Epilogue

MOMMA’S LETTER, MONTH TWELVE

Honeybee,

I know it’s likely been quite the month for you, competing (and winning?) this year’s Rose Palace Pageant.

Regardless of your status in the show’s rankings, please know I’m so proud of you.

Whatever’s in store for you, I’m rooting for you from my perch in heaven, hoping you’ll find all the happiness you deserve.

When you were young, I took you to the pageant to support your aunt’s passion for the hoopla, for the dresses and whimsy, for the snacks and silly nonsense of it all.

But I’m finally ready to admit as I near the end, there was another reason as well.

I wanted one person in particular to see that you existed, to get past their narcissistic lens, to behold you in all your wondrous beauty.

I stuck my hand as close to the flame as I dared.

Which brings me, one year after my death, to a final order of business, a bit of news I wish I’d had the courage to share with you while I was still on your side of life and death.

Alas, your mother was something of a coward when it came to sharing information that would change your life.

I apologize, but I know I can’t shirk the responsibility any longer.

Dearest, my Dakota, my Honeybee, as a child you asked about your father, and I always made up fairy tales to hide the truth.

I wanted to wait as long as possible, maybe forever, and I thought the news could keep at least until you could handle the idea of your mother committing an indiscretion, a one-night stand at the end of a drunken soiree celebrating the conclusion of the 1996 pageant.

I wanted you to stay out of that family’s shadow.

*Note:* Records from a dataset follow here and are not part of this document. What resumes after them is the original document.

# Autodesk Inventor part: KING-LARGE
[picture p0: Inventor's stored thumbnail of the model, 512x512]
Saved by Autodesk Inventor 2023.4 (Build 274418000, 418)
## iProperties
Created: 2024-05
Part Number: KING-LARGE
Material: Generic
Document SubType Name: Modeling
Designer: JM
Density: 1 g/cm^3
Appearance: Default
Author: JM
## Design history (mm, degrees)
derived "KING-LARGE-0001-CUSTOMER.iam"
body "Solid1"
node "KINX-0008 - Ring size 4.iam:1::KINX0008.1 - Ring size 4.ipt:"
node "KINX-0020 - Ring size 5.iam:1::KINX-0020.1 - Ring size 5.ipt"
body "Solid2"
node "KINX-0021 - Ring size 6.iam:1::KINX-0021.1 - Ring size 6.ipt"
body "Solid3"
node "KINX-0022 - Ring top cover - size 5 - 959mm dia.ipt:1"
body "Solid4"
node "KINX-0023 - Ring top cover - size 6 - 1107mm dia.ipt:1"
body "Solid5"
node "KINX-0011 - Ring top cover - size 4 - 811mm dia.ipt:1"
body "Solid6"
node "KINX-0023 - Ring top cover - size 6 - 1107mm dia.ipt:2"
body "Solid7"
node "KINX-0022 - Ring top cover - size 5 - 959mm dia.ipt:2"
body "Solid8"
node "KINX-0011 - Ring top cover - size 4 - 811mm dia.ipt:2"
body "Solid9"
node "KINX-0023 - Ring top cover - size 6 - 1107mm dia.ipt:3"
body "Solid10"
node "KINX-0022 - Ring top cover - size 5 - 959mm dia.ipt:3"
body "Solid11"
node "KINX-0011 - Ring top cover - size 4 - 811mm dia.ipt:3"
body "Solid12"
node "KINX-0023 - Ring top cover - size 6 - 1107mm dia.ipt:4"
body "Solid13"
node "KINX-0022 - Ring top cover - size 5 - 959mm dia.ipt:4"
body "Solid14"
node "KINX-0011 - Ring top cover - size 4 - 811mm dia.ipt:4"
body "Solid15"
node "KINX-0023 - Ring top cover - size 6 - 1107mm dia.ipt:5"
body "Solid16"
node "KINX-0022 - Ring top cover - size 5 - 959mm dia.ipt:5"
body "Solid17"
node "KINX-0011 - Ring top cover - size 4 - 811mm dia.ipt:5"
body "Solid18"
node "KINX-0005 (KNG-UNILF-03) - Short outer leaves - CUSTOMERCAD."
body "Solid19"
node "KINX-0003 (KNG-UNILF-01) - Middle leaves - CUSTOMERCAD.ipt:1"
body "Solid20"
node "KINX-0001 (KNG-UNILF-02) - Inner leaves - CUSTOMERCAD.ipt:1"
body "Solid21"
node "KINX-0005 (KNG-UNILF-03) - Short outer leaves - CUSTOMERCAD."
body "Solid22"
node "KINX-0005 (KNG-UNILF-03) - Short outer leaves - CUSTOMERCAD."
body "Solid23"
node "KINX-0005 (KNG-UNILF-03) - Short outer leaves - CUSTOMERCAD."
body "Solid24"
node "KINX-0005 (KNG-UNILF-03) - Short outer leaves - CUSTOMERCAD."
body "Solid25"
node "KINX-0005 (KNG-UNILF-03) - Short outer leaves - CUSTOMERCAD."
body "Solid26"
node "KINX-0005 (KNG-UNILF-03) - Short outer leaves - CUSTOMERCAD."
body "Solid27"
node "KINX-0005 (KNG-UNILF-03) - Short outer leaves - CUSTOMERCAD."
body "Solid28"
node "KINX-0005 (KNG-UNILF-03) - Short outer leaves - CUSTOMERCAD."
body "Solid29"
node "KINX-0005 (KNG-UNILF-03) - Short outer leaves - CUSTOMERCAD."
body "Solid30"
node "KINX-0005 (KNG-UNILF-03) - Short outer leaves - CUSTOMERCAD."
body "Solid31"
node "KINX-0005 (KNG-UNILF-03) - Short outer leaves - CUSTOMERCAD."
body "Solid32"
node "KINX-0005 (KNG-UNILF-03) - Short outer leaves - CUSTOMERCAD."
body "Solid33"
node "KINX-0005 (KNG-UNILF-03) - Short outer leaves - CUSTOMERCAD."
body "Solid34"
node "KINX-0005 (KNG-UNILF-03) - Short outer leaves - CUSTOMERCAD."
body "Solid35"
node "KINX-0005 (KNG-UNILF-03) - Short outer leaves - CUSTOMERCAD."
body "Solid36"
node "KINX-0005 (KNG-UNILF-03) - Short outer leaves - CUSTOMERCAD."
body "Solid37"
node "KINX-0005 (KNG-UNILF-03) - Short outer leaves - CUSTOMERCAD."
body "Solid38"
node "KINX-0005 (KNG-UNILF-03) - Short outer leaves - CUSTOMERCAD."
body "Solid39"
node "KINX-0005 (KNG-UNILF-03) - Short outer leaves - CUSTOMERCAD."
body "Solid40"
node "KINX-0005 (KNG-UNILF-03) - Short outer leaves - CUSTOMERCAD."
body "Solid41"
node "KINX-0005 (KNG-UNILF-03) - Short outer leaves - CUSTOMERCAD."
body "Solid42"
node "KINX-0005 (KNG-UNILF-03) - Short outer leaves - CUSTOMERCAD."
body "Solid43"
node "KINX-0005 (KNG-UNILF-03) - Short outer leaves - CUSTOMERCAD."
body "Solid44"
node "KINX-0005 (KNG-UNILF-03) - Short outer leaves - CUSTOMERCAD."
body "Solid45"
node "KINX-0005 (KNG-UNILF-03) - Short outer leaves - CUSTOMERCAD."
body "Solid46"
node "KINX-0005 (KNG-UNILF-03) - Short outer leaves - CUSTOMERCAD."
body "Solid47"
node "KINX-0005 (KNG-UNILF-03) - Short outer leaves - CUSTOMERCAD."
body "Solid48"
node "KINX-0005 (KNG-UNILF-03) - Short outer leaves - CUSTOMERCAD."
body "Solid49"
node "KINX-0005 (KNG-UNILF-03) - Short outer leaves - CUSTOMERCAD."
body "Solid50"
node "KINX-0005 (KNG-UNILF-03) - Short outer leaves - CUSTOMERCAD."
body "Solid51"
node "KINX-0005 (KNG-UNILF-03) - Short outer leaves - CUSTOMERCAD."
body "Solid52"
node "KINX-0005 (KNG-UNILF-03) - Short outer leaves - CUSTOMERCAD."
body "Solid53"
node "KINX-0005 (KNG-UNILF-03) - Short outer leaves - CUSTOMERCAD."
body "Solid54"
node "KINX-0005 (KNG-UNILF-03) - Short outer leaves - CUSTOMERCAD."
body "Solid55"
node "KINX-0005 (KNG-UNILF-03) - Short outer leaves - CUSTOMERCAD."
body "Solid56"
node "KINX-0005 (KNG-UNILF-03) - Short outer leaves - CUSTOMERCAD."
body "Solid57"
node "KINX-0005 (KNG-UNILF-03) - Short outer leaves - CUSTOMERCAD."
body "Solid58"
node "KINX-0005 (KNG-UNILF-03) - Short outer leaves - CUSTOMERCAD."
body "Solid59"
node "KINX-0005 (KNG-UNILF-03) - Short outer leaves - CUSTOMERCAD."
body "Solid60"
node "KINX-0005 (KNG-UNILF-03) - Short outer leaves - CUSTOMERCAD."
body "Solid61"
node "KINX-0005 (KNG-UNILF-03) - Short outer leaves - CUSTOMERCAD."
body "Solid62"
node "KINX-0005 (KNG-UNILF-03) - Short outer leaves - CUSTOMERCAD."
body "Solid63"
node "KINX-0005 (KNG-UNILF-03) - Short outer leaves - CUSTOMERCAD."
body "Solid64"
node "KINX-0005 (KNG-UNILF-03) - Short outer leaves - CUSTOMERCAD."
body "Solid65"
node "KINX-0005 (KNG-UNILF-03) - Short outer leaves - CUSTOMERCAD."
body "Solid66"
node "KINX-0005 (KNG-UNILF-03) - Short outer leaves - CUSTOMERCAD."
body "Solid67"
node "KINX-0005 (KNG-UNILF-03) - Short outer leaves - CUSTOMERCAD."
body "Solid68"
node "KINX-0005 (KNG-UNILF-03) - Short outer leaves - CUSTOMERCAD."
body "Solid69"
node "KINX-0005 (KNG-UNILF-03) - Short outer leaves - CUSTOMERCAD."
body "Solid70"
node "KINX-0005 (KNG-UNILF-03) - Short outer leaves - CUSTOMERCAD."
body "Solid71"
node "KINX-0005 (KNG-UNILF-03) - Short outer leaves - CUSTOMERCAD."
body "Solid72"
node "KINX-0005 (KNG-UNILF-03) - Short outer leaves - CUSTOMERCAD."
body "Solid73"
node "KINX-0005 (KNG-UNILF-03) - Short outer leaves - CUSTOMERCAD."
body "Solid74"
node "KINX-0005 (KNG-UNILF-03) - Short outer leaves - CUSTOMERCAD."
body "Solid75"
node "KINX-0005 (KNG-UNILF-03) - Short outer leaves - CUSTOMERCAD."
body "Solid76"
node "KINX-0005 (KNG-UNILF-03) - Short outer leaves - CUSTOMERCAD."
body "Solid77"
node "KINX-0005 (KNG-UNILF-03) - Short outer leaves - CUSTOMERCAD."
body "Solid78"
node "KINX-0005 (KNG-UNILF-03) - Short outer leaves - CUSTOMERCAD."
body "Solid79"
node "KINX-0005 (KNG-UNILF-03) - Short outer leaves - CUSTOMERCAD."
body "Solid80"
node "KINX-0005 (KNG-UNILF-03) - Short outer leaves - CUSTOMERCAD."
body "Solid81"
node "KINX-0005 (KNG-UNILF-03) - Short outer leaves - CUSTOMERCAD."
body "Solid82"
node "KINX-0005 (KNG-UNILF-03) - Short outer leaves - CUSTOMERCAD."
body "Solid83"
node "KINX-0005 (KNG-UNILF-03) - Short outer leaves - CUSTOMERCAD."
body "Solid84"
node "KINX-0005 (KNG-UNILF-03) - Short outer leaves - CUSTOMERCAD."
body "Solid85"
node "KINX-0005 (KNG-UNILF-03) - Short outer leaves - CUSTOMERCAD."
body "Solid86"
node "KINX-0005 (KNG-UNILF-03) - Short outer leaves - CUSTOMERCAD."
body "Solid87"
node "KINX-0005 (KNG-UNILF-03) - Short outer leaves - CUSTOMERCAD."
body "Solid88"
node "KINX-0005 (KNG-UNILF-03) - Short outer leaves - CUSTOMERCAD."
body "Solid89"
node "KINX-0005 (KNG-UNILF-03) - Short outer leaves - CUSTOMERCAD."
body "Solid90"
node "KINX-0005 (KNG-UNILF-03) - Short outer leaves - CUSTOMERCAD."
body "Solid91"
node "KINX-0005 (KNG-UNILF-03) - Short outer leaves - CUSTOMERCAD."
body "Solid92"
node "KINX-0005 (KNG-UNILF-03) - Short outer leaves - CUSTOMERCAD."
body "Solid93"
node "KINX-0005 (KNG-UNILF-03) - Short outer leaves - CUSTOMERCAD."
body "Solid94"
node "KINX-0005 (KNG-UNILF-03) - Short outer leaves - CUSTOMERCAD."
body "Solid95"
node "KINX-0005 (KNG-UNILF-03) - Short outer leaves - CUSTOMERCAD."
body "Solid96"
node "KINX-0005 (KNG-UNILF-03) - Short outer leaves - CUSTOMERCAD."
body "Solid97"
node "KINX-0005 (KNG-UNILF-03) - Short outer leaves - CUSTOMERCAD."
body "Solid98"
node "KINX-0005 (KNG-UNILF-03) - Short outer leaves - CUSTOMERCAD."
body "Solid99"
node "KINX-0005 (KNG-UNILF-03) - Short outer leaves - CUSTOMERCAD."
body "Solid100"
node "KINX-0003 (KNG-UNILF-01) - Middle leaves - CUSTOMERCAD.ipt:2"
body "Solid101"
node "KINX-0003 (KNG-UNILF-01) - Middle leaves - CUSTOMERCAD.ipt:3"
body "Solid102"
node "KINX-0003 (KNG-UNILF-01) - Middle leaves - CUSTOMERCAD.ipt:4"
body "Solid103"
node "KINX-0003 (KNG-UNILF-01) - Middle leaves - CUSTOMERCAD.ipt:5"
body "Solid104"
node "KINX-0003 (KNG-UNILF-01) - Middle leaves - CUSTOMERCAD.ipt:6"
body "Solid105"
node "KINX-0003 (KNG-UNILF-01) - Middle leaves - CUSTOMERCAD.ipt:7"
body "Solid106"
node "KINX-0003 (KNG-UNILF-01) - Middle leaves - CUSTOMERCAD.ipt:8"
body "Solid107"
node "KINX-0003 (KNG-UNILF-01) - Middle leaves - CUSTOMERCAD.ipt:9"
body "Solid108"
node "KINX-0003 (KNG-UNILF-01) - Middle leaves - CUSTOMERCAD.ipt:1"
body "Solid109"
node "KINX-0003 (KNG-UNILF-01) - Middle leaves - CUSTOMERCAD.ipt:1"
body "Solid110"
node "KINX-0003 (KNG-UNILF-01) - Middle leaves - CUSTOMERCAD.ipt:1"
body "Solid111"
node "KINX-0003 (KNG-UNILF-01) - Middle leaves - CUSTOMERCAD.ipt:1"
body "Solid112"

Because, you see, on that fateful night that brought you to me, I slept with Mr. Frederick Finch, owner of the Rose Palace Pageant.

The act was one of passion, though I’m sure you’d rather me not go into the details. Afterward I regretted it, that is until I realized that the night gave me you.

No one knew about what Frederick and I had done.

Well, of course he knew we’d been together, but I don’t think he ever paid enough attention to realize you were born about nine months after that night.

By the time you made an appearance, he’d closed the hotel at The Rose and announced the birth of Savilla.

Though it was tempting to ask him for financial help over the years, frankly, I didn’t want him involved in our lives.

Living in Aubergine, I’ve watched the way the Finches operate as if they are somehow one of us and above us at the same time.

I didn’t want to owe him, I didn’t want him making decisions on your behalf, and I certainly didn’t want him luring you, an impressionable child, into his extravagant lifestyle.

It is true that he could’ve provided ample child support, but we had plenty—until we didn’t and, at that point, after so many years, I couldn’t bring myself to tell you the truth.

I’m sorry, but please know I only acted out of the intense love I felt the first time your tiny foot gave me a little kick.

Now it’s your turn to decide what to do with this information.

You could be wealthy. You could be co-owner of a giant mansion and a silly pageant.

Heck, you could have a sister. Whatever you decide, I know it will be a grand adventure.

Forgive me for not telling you sooner, and be the amazing Dakota I know you are.